- Opening Delimiter -
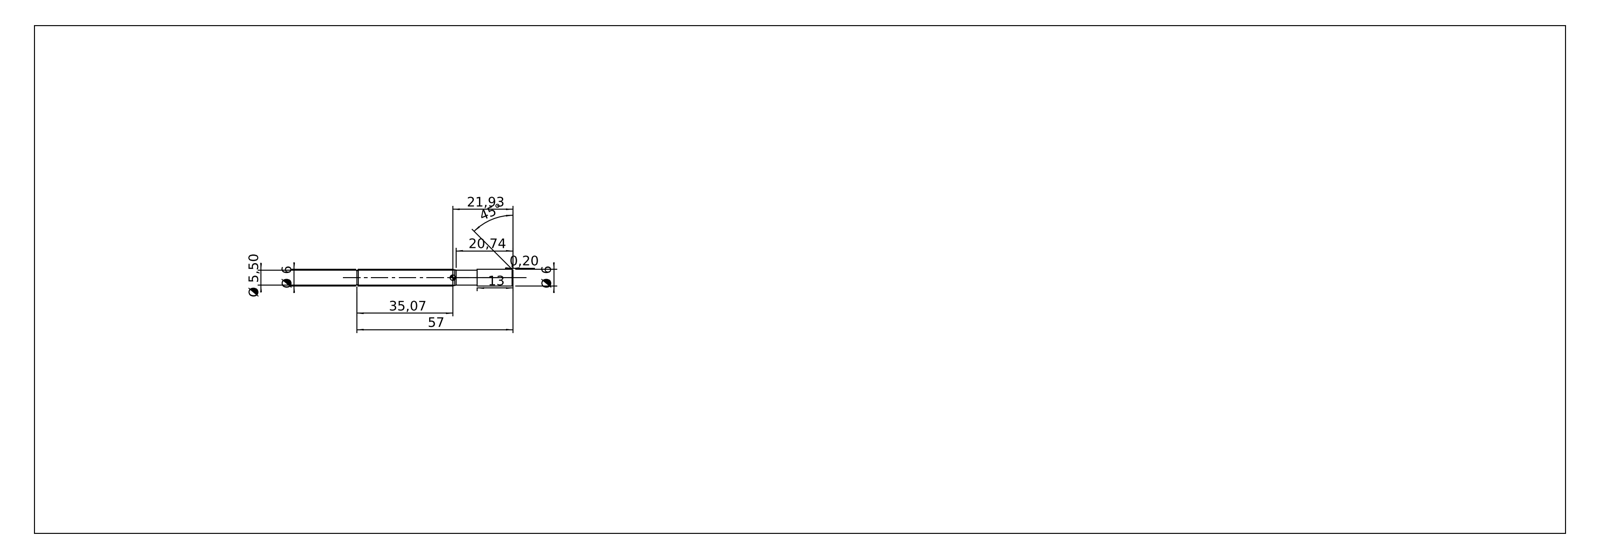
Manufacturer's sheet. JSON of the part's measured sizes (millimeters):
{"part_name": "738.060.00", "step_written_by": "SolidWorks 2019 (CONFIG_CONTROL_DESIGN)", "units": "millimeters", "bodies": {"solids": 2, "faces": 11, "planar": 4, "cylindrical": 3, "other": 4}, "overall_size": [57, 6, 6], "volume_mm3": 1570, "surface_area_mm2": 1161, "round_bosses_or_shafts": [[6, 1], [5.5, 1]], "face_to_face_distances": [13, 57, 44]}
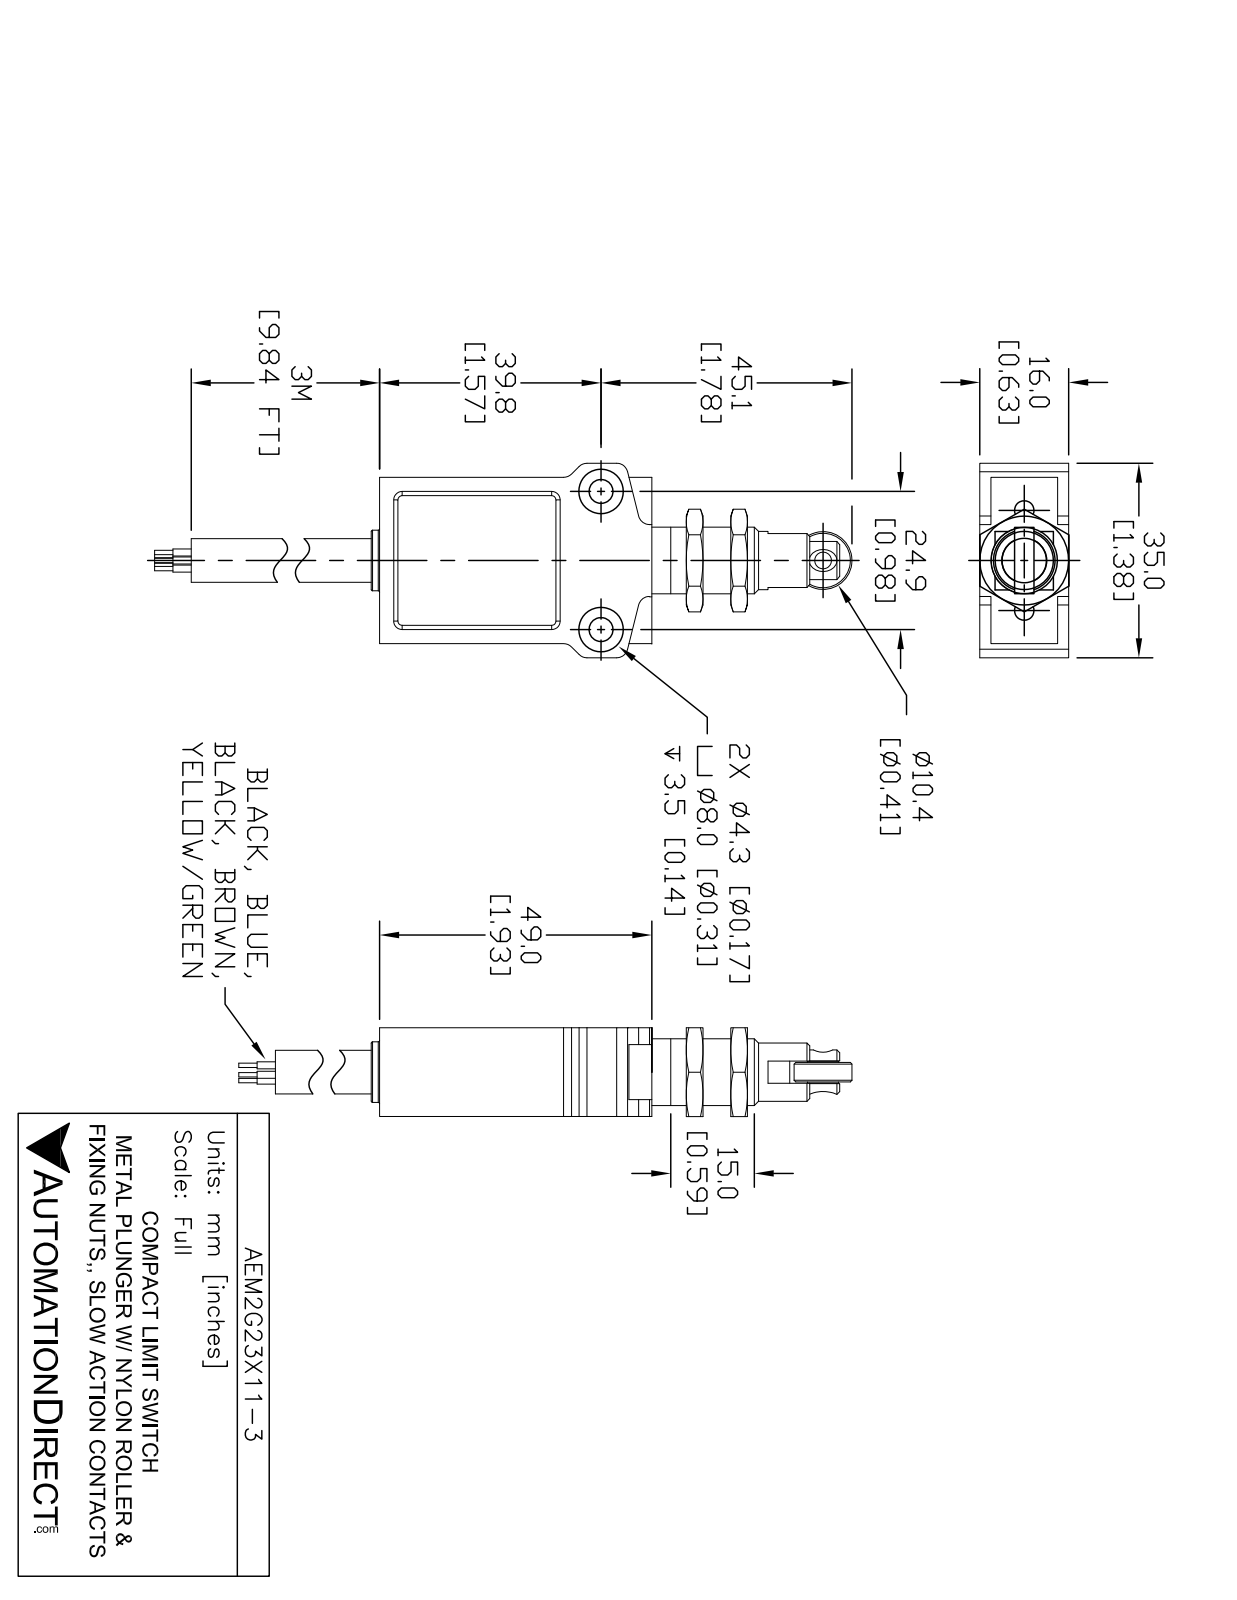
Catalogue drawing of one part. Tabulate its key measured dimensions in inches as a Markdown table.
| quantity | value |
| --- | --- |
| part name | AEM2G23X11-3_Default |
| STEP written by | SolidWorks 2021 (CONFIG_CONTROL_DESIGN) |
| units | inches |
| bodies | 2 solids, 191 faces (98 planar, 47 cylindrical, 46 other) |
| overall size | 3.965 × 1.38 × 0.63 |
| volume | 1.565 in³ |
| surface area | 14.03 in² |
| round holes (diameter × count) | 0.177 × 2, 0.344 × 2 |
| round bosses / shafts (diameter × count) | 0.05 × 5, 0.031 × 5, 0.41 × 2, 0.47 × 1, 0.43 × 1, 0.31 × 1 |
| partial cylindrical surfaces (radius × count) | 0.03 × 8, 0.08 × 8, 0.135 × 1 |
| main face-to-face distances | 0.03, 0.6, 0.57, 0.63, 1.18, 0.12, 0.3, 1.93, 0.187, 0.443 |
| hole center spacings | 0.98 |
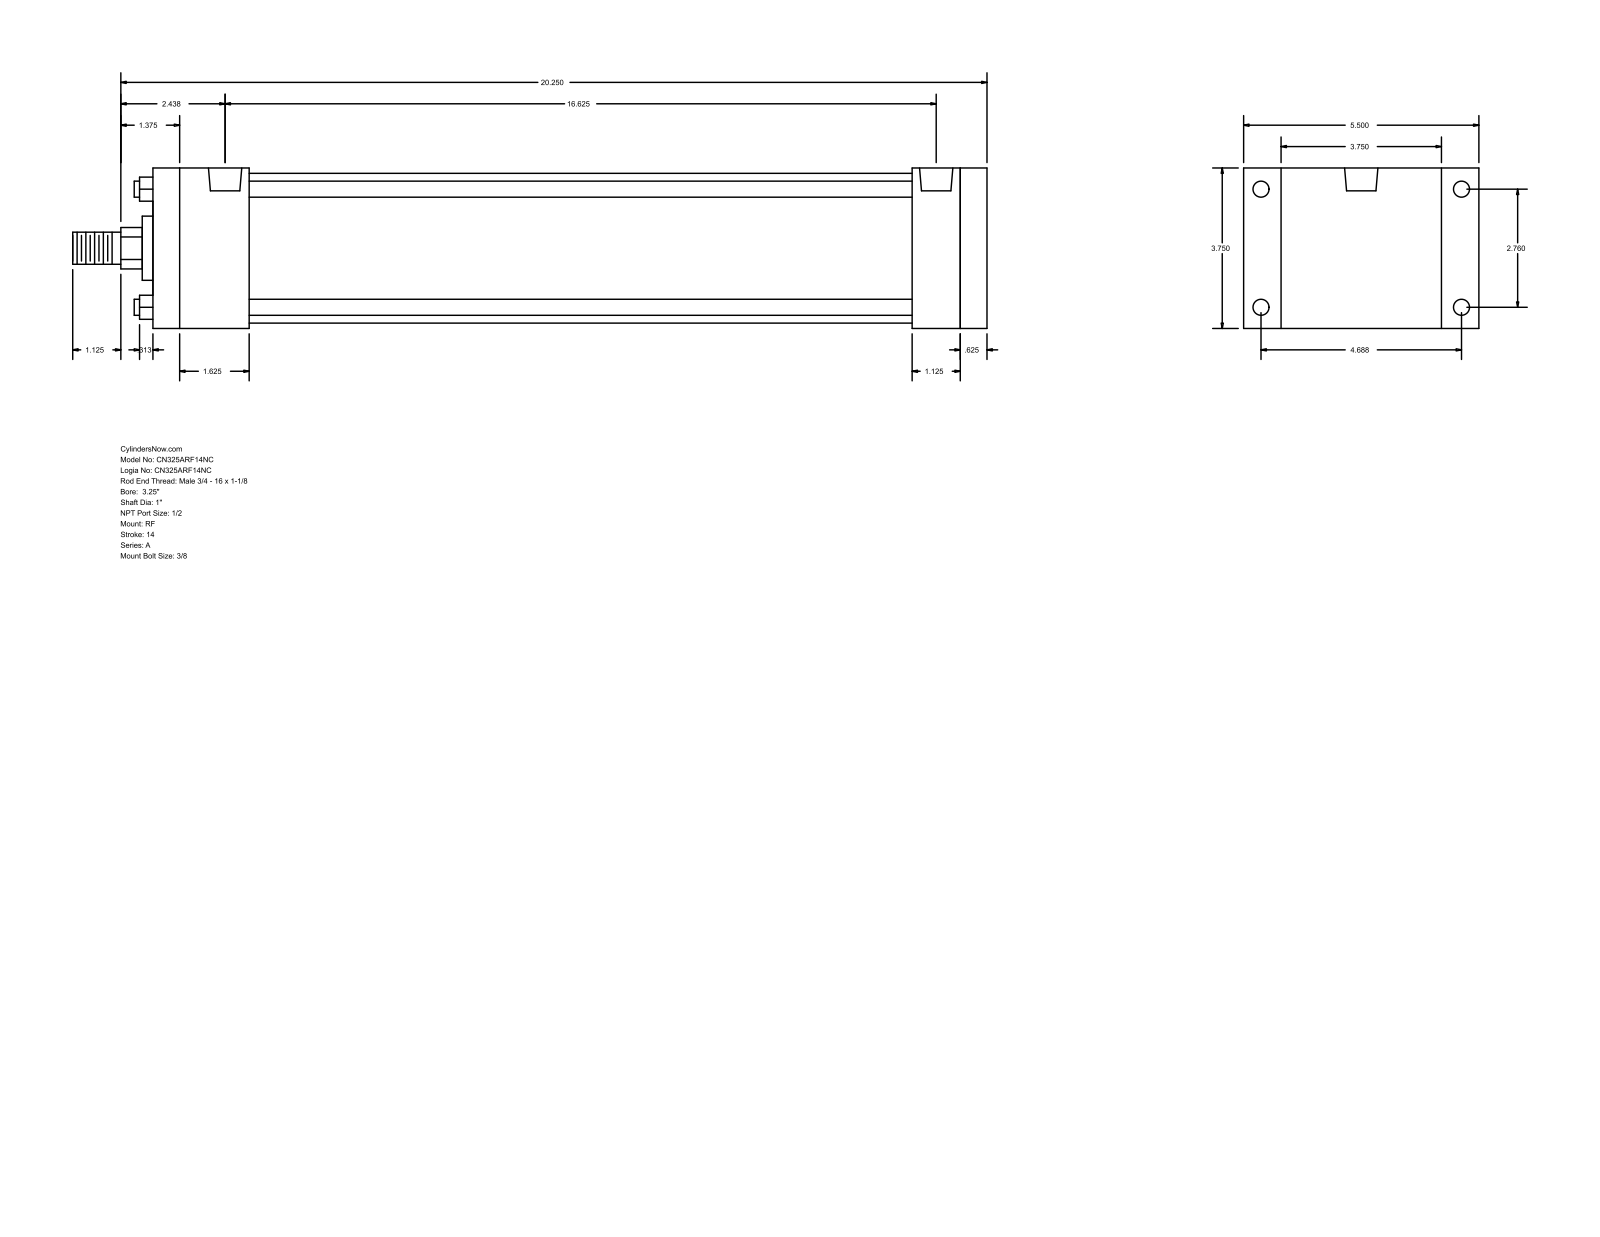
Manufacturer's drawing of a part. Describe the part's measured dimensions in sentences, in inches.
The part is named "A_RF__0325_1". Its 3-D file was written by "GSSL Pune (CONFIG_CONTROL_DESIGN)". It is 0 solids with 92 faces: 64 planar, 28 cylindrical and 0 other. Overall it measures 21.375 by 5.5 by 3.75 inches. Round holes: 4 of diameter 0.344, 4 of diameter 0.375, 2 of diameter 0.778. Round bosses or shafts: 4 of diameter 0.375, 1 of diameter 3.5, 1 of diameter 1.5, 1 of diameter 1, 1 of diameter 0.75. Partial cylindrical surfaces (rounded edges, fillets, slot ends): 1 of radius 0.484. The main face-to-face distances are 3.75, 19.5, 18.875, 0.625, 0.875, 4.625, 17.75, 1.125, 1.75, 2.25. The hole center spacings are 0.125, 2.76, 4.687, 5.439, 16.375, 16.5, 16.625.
- Closing Delimiter -
■ **WHAT THE TASK ASKS**:
For this task, give again exactly the lines from the line with "Catalogue drawing of" through the end of the entries, including both ends, and omit the pictures.

■ **EXPECTED OUTPUT**:
Catalogue drawing of one part. Tabulate its key measured dimensions in inches as a Markdown table.
| quantity | value |
| --- | --- |
| part name | AEM2G23X11-3_Default |
| STEP written by | SolidWorks 2021 (CONFIG_CONTROL_DESIGN) |
| units | inches |
| bodies | 2 solids, 191 faces (98 planar, 47 cylindrical, 46 other) |
| overall size | 3.965 × 1.38 × 0.63 |
| volume | 1.565 in³ |
| surface area | 14.03 in² |
| round holes (diameter × count) | 0.177 × 2, 0.344 × 2 |
| round bosses / shafts (diameter × count) | 0.05 × 5, 0.031 × 5, 0.41 × 2, 0.47 × 1, 0.43 × 1, 0.31 × 1 |
| partial cylindrical surfaces (radius × count) | 0.03 × 8, 0.08 × 8, 0.135 × 1 |
| main face-to-face distances | 0.03, 0.6, 0.57, 0.63, 1.18, 0.12, 0.3, 1.93, 0.187, 0.443 |
| hole center spacings | 0.98 |
Manufacturer's drawing of a part. Describe the part's measured dimensions in sentences, in inches.
The part is named "A_RF__0325_1". Its 3-D file was written by "GSSL Pune (CONFIG_CONTROL_DESIGN)". It is 0 solids with 92 faces: 64 planar, 28 cylindrical and 0 other. Overall it measures 21.375 by 5.5 by 3.75 inches. Round holes: 4 of diameter 0.344, 4 of diameter 0.375, 2 of diameter 0.778. Round bosses or shafts: 4 of diameter 0.375, 1 of diameter 3.5, 1 of diameter 1.5, 1 of diameter 1, 1 of diameter 0.75. Partial cylindrical surfaces (rounded edges, fillets, slot ends): 1 of radius 0.484. The main face-to-face distances are 3.75, 19.5, 18.875, 0.625, 0.875, 4.625, 17.75, 1.125, 1.75, 2.25. The hole center spacings are 0.125, 2.76, 4.687, 5.439, 16.375, 16.5, 16.625.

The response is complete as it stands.